Commentary on “Physical Exercise and Physical Activity for Children and Adolescents With Juvenile Idiopathic Arthritis: A Literature Review”
Exercise programs for children with juvenile idiopathic arthritis (JIA) target on limiting the consequences of the disease such as pain and inflammation, preserve range of motion, maintain muscle strength, and limit strain on the arthritic joints. When general contraindications for exercising are applied, these exercise programs are safe and beneficial for children with JIA. A wide variety of exercise programs, land-based, Internet-based, and water-based aimed at strength or flexibility training, improve musculoskeletal symptoms and quality of life.
“What should I be mindful about when applying this information?”

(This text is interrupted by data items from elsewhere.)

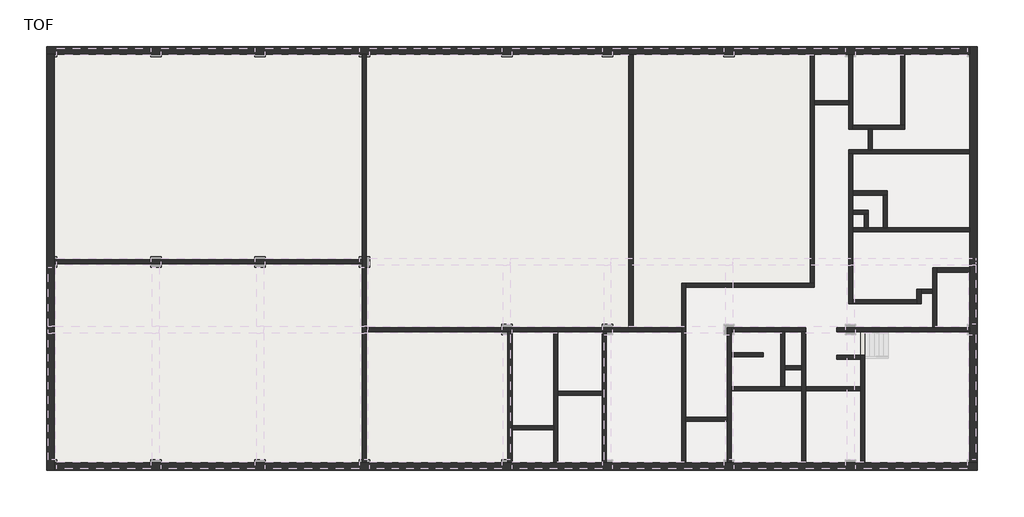
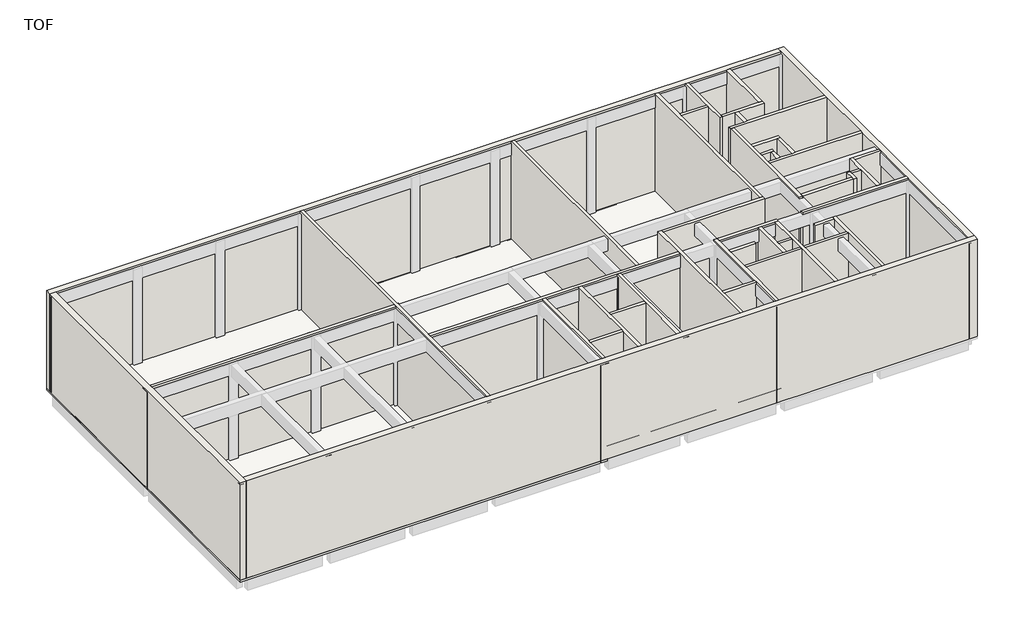
# One storey, part 1 of 3: 45 walls, 2 slabs.
"""IFC4 building model written with IfcOpenShell, lengths in millimetres."""

import ifcopenshell
import ifcopenshell.guid

model = None  # the IFC model being written
_history = None  # IfcOwnerHistory: only IFC2X3 demands one
_inside = {}  # id of a spatial element -> (the spatial element, [elements in it])
_under = {}  # id of a project, library or spatial element -> (it, [spatial elements below it])
_declared = {}  # id of a project -> (the project, [libraries it declares])
_typed = {}  # id of a type object -> (the type object, [elements of that type])
_made_of = {}  # id of a material, layer set ... -> (it, [elements and type objects made of it])


def new_model(schema):
    """Start an empty IFC model of exactly this schema.

    Asked for "IFC4X3", IfcOpenShell would pick the latest addendum, in which some entities
    have other attributes; the version numbers below select the first issue.
    IFC2X3 requires an IfcOwnerHistory on every rooted entity: one is made here for all.
    """
    global model, _history
    if schema == "IFC4X3":
        model = ifcopenshell.file(schema_version=(4, 3, 0, 0))
    else:
        model = ifcopenshell.file(schema=schema)
    _inside.clear()
    _under.clear()
    _declared.clear()
    _typed.clear()
    _made_of.clear()
    _history = None
    if model.schema == "IFC2X3":
        org = make("IfcOrganization", Name="unknown")
        user = make(
            "IfcPersonAndOrganization",
            ThePerson=make("IfcPerson", FamilyName="unknown"),
            TheOrganization=org,
        )
        app = make(
            "IfcApplication",
            ApplicationDeveloper=org,
            Version="unknown",
            ApplicationFullName="unknown",
            ApplicationIdentifier="unknown",
        )
        _history = make(
            "IfcOwnerHistory",
            OwningUser=user,
            OwningApplication=app,
            ChangeAction="ADDED",
            CreationDate=0,
        )
    return model


def make(cls, **values):
    """One entity of the class cls with the attributes given. An attribute that is None is left unset."""
    return model.create_entity(
        cls, **{name: value for name, value in values.items() if value is not None}
    )


def rooted(cls, **values):
    """An entity with a GlobalId (a new one), such as an element, a storey or a relation."""
    return make(cls, GlobalId=ifcopenshell.guid.new(), OwnerHistory=_history, **values)


def si_unit(unit_type, name, prefix=None):
    """IfcSIUnit, for example si_unit("LENGTHUNIT", "METRE", prefix="MILLI")."""
    return make("IfcSIUnit", UnitType=unit_type, Prefix=prefix, Name=name)


def assignment(units):
    """IfcUnitAssignment: the units of a project."""
    return None if units is None else make("IfcUnitAssignment", Units=units)


def point(xyz):
    """IfcCartesianPoint."""
    return None if xyz is None else make("IfcCartesianPoint", Coordinates=xyz)


def direction(xyz):
    """IfcDirection."""
    return None if xyz is None else make("IfcDirection", DirectionRatios=xyz)


def frame(location, z_axis=None, x_axis=None):
    """IfcAxis2Placement3D, a coordinate frame: its origin and axes. An axis left out is left unset."""
    return make(
        "IfcAxis2Placement3D",
        Location=point(location),
        Axis=direction(z_axis),
        RefDirection=direction(x_axis),
    )


def origin():
    """The frame at (0, 0, 0) with its axes left unset."""
    return frame((0.0, 0.0, 0.0))


def origin_with_axes():
    """The frame at (0, 0, 0) with the z axis (0, 0, 1) and the x axis (1, 0, 0) written out."""
    return frame((0.0, 0.0, 0.0), z_axis=(0.0, 0.0, 1.0), x_axis=(1.0, 0.0, 0.0))


def place(relative_to, where):
    """IfcLocalPlacement: puts the frame where relative to a parent placement (None: the world)."""
    return make(
        "IfcLocalPlacement", PlacementRelTo=relative_to, RelativePlacement=where
    )


def context(
    kind, dimensions, precision=None, world=None, true_north=None, identifier=None
):
    """IfcGeometricRepresentationContext, for example the 3D "Model" context."""
    return make(
        "IfcGeometricRepresentationContext",
        ContextIdentifier=identifier,
        ContextType=kind,
        CoordinateSpaceDimension=dimensions,
        Precision=precision,
        WorldCoordinateSystem=world,
        TrueNorth=true_north,
    )


def project(units=None, contexts=None):
    """IfcProject with its units and contexts."""
    return rooted(
        "IfcProject",
        Name="project",
        RepresentationContexts=contexts,
        UnitsInContext=assignment(units),
    )


def spatial(cls, under=None, at=None, **own):
    """A site, building, storey or space (cls), placed at a placement, below another one or the project."""
    s = rooted(cls, ObjectPlacement=at, **own)
    if under is not None:
        _under.setdefault(under.id(), (under, []))[1].append(s)
    return s


def polyline(points):
    """IfcPolyline through the points."""
    return make("IfcPolyline", Points=[point(p) for p in points])


def outline(outer, holes=None, kind="AREA"):
    """IfcArbitraryClosedProfileDef: a profile drawn as a closed curve; with holes, ...WithVoids."""
    if holes is None:
        return make("IfcArbitraryClosedProfileDef", ProfileType=kind, OuterCurve=outer)
    return make(
        "IfcArbitraryProfileDefWithVoids",
        ProfileType=kind,
        OuterCurve=outer,
        InnerCurves=holes,
    )


def extrude(swept, where, along, depth):
    """IfcExtrudedAreaSolid: the profile swept, set in the frame where, extruded along a direction by depth."""
    return make(
        "IfcExtrudedAreaSolid",
        SweptArea=swept,
        Position=where,
        ExtrudedDirection=direction(along),
        Depth=depth,
    )


def faces_of(points, faces, orient=None, outer=None):
    """IfcFace entities. A face is a list of loops; a loop is a list of indices into points, from 0.

    orient and outer hold one flag for each loop. By default every Orientation is true, the
    first loop of a face is its IfcFaceOuterBound and the others are IfcFaceBound.
    """
    made = []
    for i, loops in enumerate(faces):
        bounds = []
        for j, loop in enumerate(loops):
            is_outer = j == 0 if outer is None else outer[i][j]
            bounds.append(
                make(
                    "IfcFaceOuterBound" if is_outer else "IfcFaceBound",
                    Bound=make("IfcPolyLoop", Polygon=[points[k] for k in loop]),
                    Orientation=True if orient is None else orient[i][j],
                )
            )
        made.append(make("IfcFace", Bounds=bounds))
    return made


def faceted_brep(points, faces, orient=None, outer=None, voids=None):
    """IfcFacetedBrep: a solid bounded by flat faces; with voids (closed shells), ...WithVoids."""
    shared = [point(p) for p in points]
    hull = make("IfcClosedShell", CfsFaces=faces_of(shared, faces, orient, outer))
    if voids is None:
        return make("IfcFacetedBrep", Outer=hull)
    return make(
        "IfcFacetedBrepWithVoids",
        Outer=hull,
        Voids=[
            make(cls, CfsFaces=faces_of(shared, fs, o, b)) for cls, fs, o, b in voids
        ],
    )


def shape(context_of_items, identifier, shape_type, items):
    """IfcShapeRepresentation: the items that make up one representation, for example the "Body"."""
    return make(
        "IfcShapeRepresentation",
        ContextOfItems=context_of_items,
        RepresentationIdentifier=identifier,
        RepresentationType=shape_type,
        Items=items,
    )


def made_of(thing, what):
    """Note that an element or type object is made of a material, layer set ...; save() writes the relation."""
    if what is not None:
        _made_of.setdefault(what.id(), (what, []))[1].append(thing)
    return thing


def element(
    cls,
    number,
    at=None,
    inside=None,
    cuts=None,
    type_object=None,
    material=None,
    context=None,
    identifier="Body",
    shape_type=None,
    held_by="IfcProductDefinitionShape",
    body=None,
    shapes=None,
    **own,
):
    """One element of the class cls, such as IfcWall. Its Tag is "e" and its number.

    at: its placement. inside: the storey or other place that contains it. cuts: it is an
    opening in that element (IfcRelVoidsElement). A single representation is given by context,
    identifier, shape_type and body (its items); several are given by shapes. held_by: the class
    of the entity that holds the representations. save() writes the other relations.
    """
    e = rooted(cls, Tag="e%d" % number, ObjectPlacement=at, **own)
    if body is not None:
        shapes = [shape(context, identifier, shape_type, body)]
    if shapes is not None:
        e.Representation = make(held_by, Representations=shapes)
    if inside is not None:
        _inside.setdefault(inside.id(), (inside, []))[1].append(e)
    if cuts is not None:
        rooted(
            "IfcRelVoidsElement", RelatingBuildingElement=cuts, RelatedOpeningElement=e
        )
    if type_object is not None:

Although the authors indicate the importance of combining different exercises and activities, they do not provide a clear answer to their initial research question regarding the level of efficacy. The reader should be cautious with the interpretation of this narrative review as methodological flaws (eg low reproducibility, partial appraisal of research for risk of bias, merging evidence-based with non-evidence-based literature, and no discrimination between disease phases and subtypes of JIA) bias the general statements made by the authors. The conclusion that physical activity and training in patients in the nonactive phase is safe and there is potential for (effective) improvement is a more appropriate conclusion and should be applied. Exercise training programs in children with active disease or impaired joint function might not be as beneficial as stated in this review.